= Required work =
Give again, word for word, each line of the data from the first through the one containing "doc.units = 0". Pictures stay out.

--- --- ---

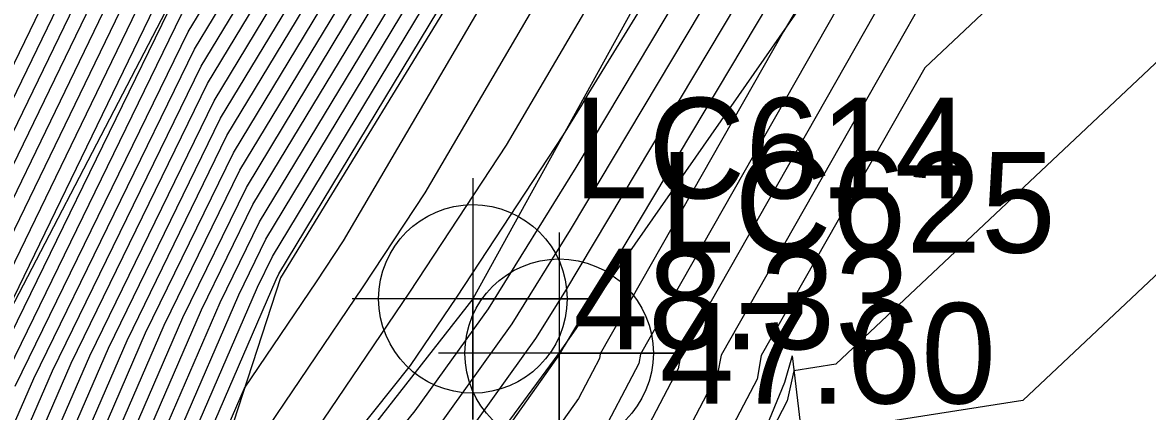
# Model space of a CAD drawing. Extents: x 2188792 to 2191981, y 386090 to 389710.
# Drawn here: x 2190439.7 to 2190467.68, y 387988.09 to 387997.76 of the extents above; entities that cross this region are included whole.
import ezdxf

# ---------------------------------------------------------------- set-up
doc = ezdxf.new("R2010")
doc.units = 0
for name, color, linetype in [('DTM Contours Major', 7, 'Continuous'), ('DTM Contours Minor', 7, 'Continuous'), ('Exist DTM Breakline', 7, 'Continuous'), ('Exist DTM Breakline Cogo Elevation', 7, 'Continuous'), ('Exist DTM Breakline Cogo Number', 7, 'Continuous'), ('Exist DTM Breakline Cogo Point CELL', 7, 'Continuous'), ('Exist DTM Breakline Underwater', 7, 'Continuous'), ('Exist DTM Breakline Underwater Cogo Elevation', 7, 'Continuous'), ('Exist DTM Breakline Underwater Cogo Number', 7, 'Continuous'), ('Exist DTM Breakline Underwater Cogo Point CELL', 7, 'Continuous'), ('PH Exist DTM Breakline', 7, 'Continuous')]:
    doc.layers.add(name, color=color, linetype=linetype)

msp = doc.modelspace()

# ---------------------------------------------------------------- linework, layer by layer
at = {"layer": 'DTM Contours Major'}
for points in [[(2190439.517, 387988.718), (2190443.818, 387997.532), (2190444.465, 387998.602), (2190449.028, 388005.195), (2190449.754, 388006.395), (2190454.691, 388012.792), (2190455.357, 388013.891), (2190460.374, 388020.373), (2190461.003, 388021.203), (2190466.04, 388027.87), (2190466.561, 388028.559), (2190471.735, 388035.405), (2190472.142, 388035.944), (2190477.46, 388042.982), (2190477.747, 388043.361), (2190482.028, 388049.335), (2190482.15, 388049.495), (2190485.744, 388054.523), (2190486.518, 388055.621), (2190486.54, 388055.652), (2190490.811, 388061.708)], [(2190437.291, 387992.208), (2190440.149, 387998.095), (2190442.039, 388000.882), (2190444.918, 388005.046), (2190446.782, 388007.795), (2190448.699, 388010.623), (2190451.76, 388014.602), (2190455.238, 388018.815), (2190458.32, 388022.817), (2190461.24, 388026.719), (2190463.795, 388030.265), (2190466.429, 388033.922), (2190469.255, 388037.705), (2190471.991, 388041.504), (2190474.703, 388045.137), (2190476.705, 388047.982), (2190479.57, 388051.962), (2190481.496, 388054.696), (2190484.176, 388058.338)], [(2190437.873, 387989.277), (2190442.266, 387998.327), (2190442.951, 387999.337), (2190447.416, 388005.796), (2190448.039, 388006.714), (2190448.679, 388007.658), (2190453.516, 388013.947), (2190454.742, 388015.432), (2190459.552, 388021.678), (2190464.111, 388027.769), (2190465.133, 388029.188), (2190466.188, 388030.652), (2190470.698, 388036.69), (2190471.869, 388038.315), (2190476.248, 388044.182), (2190479.482, 388048.777), (2190480.857, 388050.687), (2190484.007, 388055.159), (2190485.358, 388056.995)], [(2190439.109, 387984.639), (2190440.23, 387985.959), (2190441.836, 387989.666), (2190444.626, 387995.382), (2190446.771, 387998.933), (2190449.748, 388003.235), (2190451.93, 388006.842), (2190455.17, 388011.041), (2190457.299, 388014.553), (2190460.611, 388018.832), (2190462.764, 388021.676), (2190466.08, 388026.065), (2190468.17, 388028.826), (2190471.566, 388033.321), (2190473.589, 388035.994), (2190477.07, 388040.601), (2190479.022, 388043.18), (2190481.816, 388047.079), (2190483.521, 388049.295), (2190486.38, 388053.295), (2190488.012, 388055.412)], [(2190437.992, 387979.857), (2190439.736, 387982.468), (2190441.552, 387984.606), (2190444.155, 387990.614), (2190445.433, 387993.232), (2190449.077, 387999.265), (2190450.469, 388001.276), (2190454.105, 388007.29), (2190455.65, 388009.291), (2190459.241, 388015.214), (2190460.848, 388017.291), (2190464.525, 388022.15), (2190466.12, 388024.261), (2190469.779, 388029.094), (2190471.398, 388031.237), (2190475.036, 388036.044), (2190476.68, 388038.22), (2190480.296, 388042.998), (2190481.603, 388044.822), (2190484.893, 388049.095), (2190486.197, 388050.919), (2190489.489, 388055.191)], [(2190436.393, 387973.509), (2190440.087, 387979.883), (2190440.363, 387980.297), (2190442.875, 387983.254), (2190445.223, 387988.673), (2190447.014, 387991.316), (2190447.684, 387992.334), (2190451.537, 387998.911), (2190455.759, 388006.119), (2190460.408, 388014.054), (2190463.124, 388017.654), (2190466.834, 388022.412), (2190467.179, 388023.047), (2190471.263, 388028.317), (2190475.023, 388033.169), (2190477.546, 388036.694), (2190482.398, 388042.993), (2190486.84, 388048.499), (2190491.059, 388053.729)], [(2190422.481, 387951.95), (2190429.043, 387959.796), (2190436.952, 387971.104), (2190447.268, 387983.841), (2190451.88, 387990.273), (2190453.329, 387992.604), (2190458.4, 388001.094), (2190469.074, 388018.453), (2190471.164, 388021.914), (2190472.841, 388023.729), (2190485.612, 388037.553), (2190489.125, 388042.462)], [(2190497.973, 388041.28), (2190480.347, 388027.839), (2190474.998, 388022.049), (2190474.699, 388021.725), (2190470.178, 388014.242), (2190469.923, 388013.827), (2190469.537, 388013.181), (2190456.075, 387989.503), (2190456.011, 387989.152), (2190454.465, 387986.205), (2190449.75, 387979.545), (2190447.138, 387974.53), (2190444.808, 387967.319), (2190439.661, 387959.791), (2190437.395, 387955.321), (2190436.204, 387951.692)]]:
    msp.add_lwpolyline(points, dxfattribs=at)
at = {"layer": 'DTM Contours Minor'}
for points in [[(2190439.172, 387987.041), (2190439.981, 387988.908), (2190443.98, 387997.102), (2190444.926, 387998.668), (2190449.172, 388004.803), (2190450.189, 388006.484), (2190454.787, 388012.442), (2190455.745, 388014.024), (2190460.421, 388020.064), (2190461.355, 388021.298), (2190466.048, 388027.509), (2190466.883, 388028.612), (2190471.701, 388034.988), (2190472.432, 388035.954), (2190477.382, 388042.506), (2190478.002, 388043.325), (2190481.985, 388048.884), (2190482.425, 388049.455), (2190486.527, 388055.195), (2190486.831, 388055.589), (2190491.064, 388061.527)], [(2190439.437, 387986.77), (2190440.445, 387989.097), (2190444.141, 387996.672), (2190445.387, 387998.734), (2190449.316, 388004.411), (2190450.624, 388006.574), (2190454.883, 388012.092), (2190456.134, 388014.156), (2190460.469, 388019.756), (2190461.707, 388021.393), (2190466.056, 388027.148), (2190467.205, 388028.666), (2190471.667, 388034.571), (2190472.721, 388035.964), (2190477.304, 388042.029), (2190478.257, 388043.288), (2190481.943, 388048.433), (2190482.699, 388049.415), (2190486.49, 388054.72), (2190487.126, 388055.544), (2190491.033, 388061.025)], [(2190438.859, 387985.508), (2190439.701, 387986.5), (2190440.909, 387989.287), (2190444.303, 387996.242), (2190445.848, 387998.801), (2190449.46, 388004.019), (2190451.059, 388006.663), (2190454.978, 388011.742), (2190456.522, 388014.288), (2190460.516, 388019.448), (2190462.06, 388021.487), (2190466.064, 388026.787), (2190467.527, 388028.719), (2190471.633, 388034.154), (2190473.01, 388035.974), (2190477.226, 388041.553), (2190478.512, 388043.252), (2190481.9, 388047.982), (2190482.973, 388049.375), (2190486.454, 388054.245), (2190487.421, 388055.5), (2190491.003, 388060.524)], [(2190438.984, 387985.074), (2190439.966, 387986.229), (2190441.372, 387989.476), (2190444.464, 387995.812), (2190446.309, 387998.867), (2190449.604, 388003.627), (2190451.494, 388006.753), (2190455.074, 388011.392), (2190456.911, 388014.421), (2190460.564, 388019.14), (2190462.412, 388021.582), (2190466.072, 388026.426), (2190467.848, 388028.773), (2190471.6, 388033.738), (2190473.3, 388035.984), (2190477.148, 388041.077), (2190478.767, 388043.216), (2190481.858, 388047.53), (2190483.247, 388049.335), (2190486.417, 388053.77), (2190487.717, 388055.456), (2190490.972, 388060.023)], [(2190437.408, 387991.621), (2190440.572, 387998.141), (2190442.222, 388000.573), (2190445.418, 388005.196), (2190447.033, 388007.579), (2190448.695, 388010.03), (2190452.112, 388014.471), (2190455.139, 388018.139), (2190458.566, 388022.589), (2190461.814, 388026.929), (2190464.062, 388030.05), (2190466.381, 388033.268), (2190469.544, 388037.502), (2190471.966, 388040.866), (2190475.012, 388044.946), (2190477.261, 388048.141), (2190479.828, 388051.707), (2190481.998, 388054.789), (2190484.413, 388058.069)], [(2190437.524, 387991.035), (2190440.996, 387998.187), (2190442.404, 388000.264), (2190445.918, 388005.346), (2190447.285, 388007.363), (2190448.691, 388009.437), (2190452.463, 388014.34), (2190455.04, 388017.462), (2190458.813, 388022.361), (2190462.388, 388027.139), (2190464.33, 388029.834), (2190466.333, 388032.614), (2190469.833, 388037.299), (2190471.942, 388040.228), (2190475.321, 388044.755), (2190477.816, 388048.3), (2190480.085, 388051.452), (2190482.501, 388054.881), (2190484.649, 388057.801)], [(2190437.64, 387990.449), (2190441.419, 387998.234), (2190442.586, 387999.955), (2190446.417, 388005.496), (2190447.536, 388007.146), (2190448.687, 388008.844), (2190452.814, 388014.209), (2190454.941, 388016.785), (2190459.059, 388022.133), (2190462.962, 388027.349), (2190464.598, 388029.619), (2190466.284, 388031.96), (2190470.121, 388037.096), (2190471.917, 388039.59), (2190475.63, 388044.564), (2190478.372, 388048.459), (2190480.342, 388051.197), (2190483.003, 388054.974), (2190484.886, 388057.532)], [(2190437.757, 387989.863), (2190441.843, 387998.28), (2190442.769, 387999.646), (2190446.917, 388005.646), (2190447.787, 388006.93), (2190448.683, 388008.251), (2190453.165, 388014.078), (2190454.841, 388016.109), (2190459.306, 388021.905), (2190463.536, 388027.559), (2190464.865, 388029.404), (2190466.236, 388031.306), (2190470.41, 388036.893), (2190471.893, 388038.953), (2190475.939, 388044.373), (2190478.927, 388048.618), (2190480.6, 388050.942), (2190483.505, 388055.066), (2190485.122, 388057.264)], [(2190437.99, 387988.691), (2190442.689, 387998.373), (2190443.134, 387999.028), (2190447.916, 388005.946), (2190448.29, 388006.498), (2190448.675, 388007.065), (2190453.868, 388013.816), (2190454.643, 388014.755), (2190459.799, 388021.45), (2190464.685, 388027.979), (2190465.401, 388028.973), (2190466.14, 388029.998), (2190470.987, 388036.487), (2190471.844, 388037.677), (2190476.557, 388043.991), (2190480.038, 388048.936), (2190481.114, 388050.432), (2190484.509, 388055.251), (2190485.595, 388056.726)], [(2190438.438, 387988.789), (2190443.113, 387998.42), (2190443.316, 387998.719), (2190448.416, 388006.096), (2190448.541, 388006.281), (2190448.67, 388006.472), (2190454.219, 388013.685), (2190454.544, 388014.078), (2190460.045, 388021.222), (2190465.259, 388028.189), (2190465.669, 388028.758), (2190466.091, 388029.344), (2190471.276, 388036.284), (2190471.82, 388037.039), (2190476.867, 388043.8), (2190480.593, 388049.095), (2190481.372, 388050.177), (2190485.011, 388055.344), (2190485.831, 388056.458)], [(2190438.59, 387988.339), (2190443.495, 387998.392), (2190443.542, 387998.469), (2190448.74, 388005.978), (2190448.883, 388006.216), (2190454.499, 388013.493), (2190454.58, 388013.627), (2190460.279, 388020.989), (2190460.298, 388021.014), (2190461.174, 388022.173), (2190465.833, 388028.399), (2190465.936, 388028.542), (2190466.043, 388028.69), (2190471.564, 388036.081), (2190471.795, 388036.402), (2190477.176, 388043.61), (2190481.149, 388049.254), (2190481.629, 388049.922), (2190485.513, 388055.436), (2190486.068, 388056.189)], [(2190439.053, 387988.528), (2190443.657, 387997.962), (2190444.003, 387998.535), (2190448.884, 388005.586), (2190449.319, 388006.305), (2190454.595, 388013.142), (2190454.969, 388013.759), (2190460.327, 388020.681), (2190460.651, 388021.109), (2190466.032, 388028.231), (2190466.24, 388028.505), (2190471.768, 388035.822), (2190471.853, 388035.934), (2190475.541, 388040.815), (2190477.485, 388043.419), (2190481.704, 388049.413), (2190481.887, 388049.667), (2190486.015, 388055.529), (2190486.304, 388055.921)], [(2190439.235, 387984.205), (2190440.495, 387985.688), (2190442.3, 387989.855), (2190444.787, 387994.952), (2190447.232, 387999), (2190449.892, 388002.843), (2190452.365, 388006.932), (2190455.266, 388010.691), (2190457.687, 388014.685), (2190460.658, 388018.523), (2190463.116, 388021.771), (2190466.088, 388025.704), (2190468.492, 388028.88), (2190471.532, 388032.904), (2190473.878, 388036.004), (2190476.992, 388040.124), (2190479.277, 388043.143), (2190481.773, 388046.628), (2190483.796, 388049.255), (2190486.343, 388052.819), (2190488.307, 388055.368)], [(2190439.36, 387983.771), (2190440.759, 387985.418), (2190442.764, 387990.045), (2190444.949, 387994.522), (2190447.693, 387999.066), (2190450.036, 388002.452), (2190452.8, 388007.021), (2190455.362, 388010.341), (2190458.076, 388014.817), (2190460.706, 388018.215), (2190463.469, 388021.866), (2190466.096, 388025.343), (2190468.814, 388028.934), (2190471.499, 388032.487), (2190474.168, 388036.014), (2190476.914, 388039.648), (2190479.532, 388043.107), (2190481.731, 388046.176), (2190484.07, 388049.215), (2190486.307, 388052.344), (2190488.603, 388055.324)], [(2190439.485, 387983.337), (2190441.023, 387985.147), (2190443.228, 387990.235), (2190445.11, 387994.092), (2190448.154, 387999.132), (2190450.18, 388002.06), (2190453.235, 388007.111), (2190455.458, 388009.991), (2190458.464, 388014.95), (2190460.753, 388017.907), (2190463.821, 388021.96), (2190466.104, 388024.982), (2190469.135, 388028.987), (2190471.465, 388032.07), (2190474.457, 388036.024), (2190476.836, 388039.172), (2190479.787, 388043.071), (2190481.688, 388045.725), (2190484.344, 388049.175), (2190486.27, 388051.869), (2190488.898, 388055.28)], [(2190438.411, 387979.862), (2190439.862, 387982.034), (2190441.817, 387984.336), (2190444.619, 387990.803), (2190445.595, 387992.802), (2190449.538, 387999.331), (2190450.613, 388000.884), (2190454.541, 388007.379), (2190455.746, 388008.94), (2190459.629, 388015.347), (2190460.895, 388016.982), (2190464.878, 388022.244), (2190466.128, 388023.9), (2190470.101, 388029.148), (2190471.364, 388030.82), (2190475.325, 388036.054), (2190476.602, 388037.743), (2190480.551, 388042.962), (2190481.561, 388044.371), (2190485.167, 388049.055), (2190486.16, 388050.444), (2190489.784, 388055.147)], [(2190438.83, 387979.867), (2190439.987, 387981.599), (2190442.081, 387984.065), (2190445.083, 387990.993), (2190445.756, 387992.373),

--- --- ---

= Solution to this task =
# Model space of a CAD drawing. Extents: x 2188792 to 2191981, y 386090 to 389710.
# Drawn here: x 2190439.7 to 2190467.68, y 387988.09 to 387997.76 of the extents above; entities that cross this region are included whole.
import ezdxf

# ---------------------------------------------------------------- set-up
doc = ezdxf.new("R2010")
doc.units = 0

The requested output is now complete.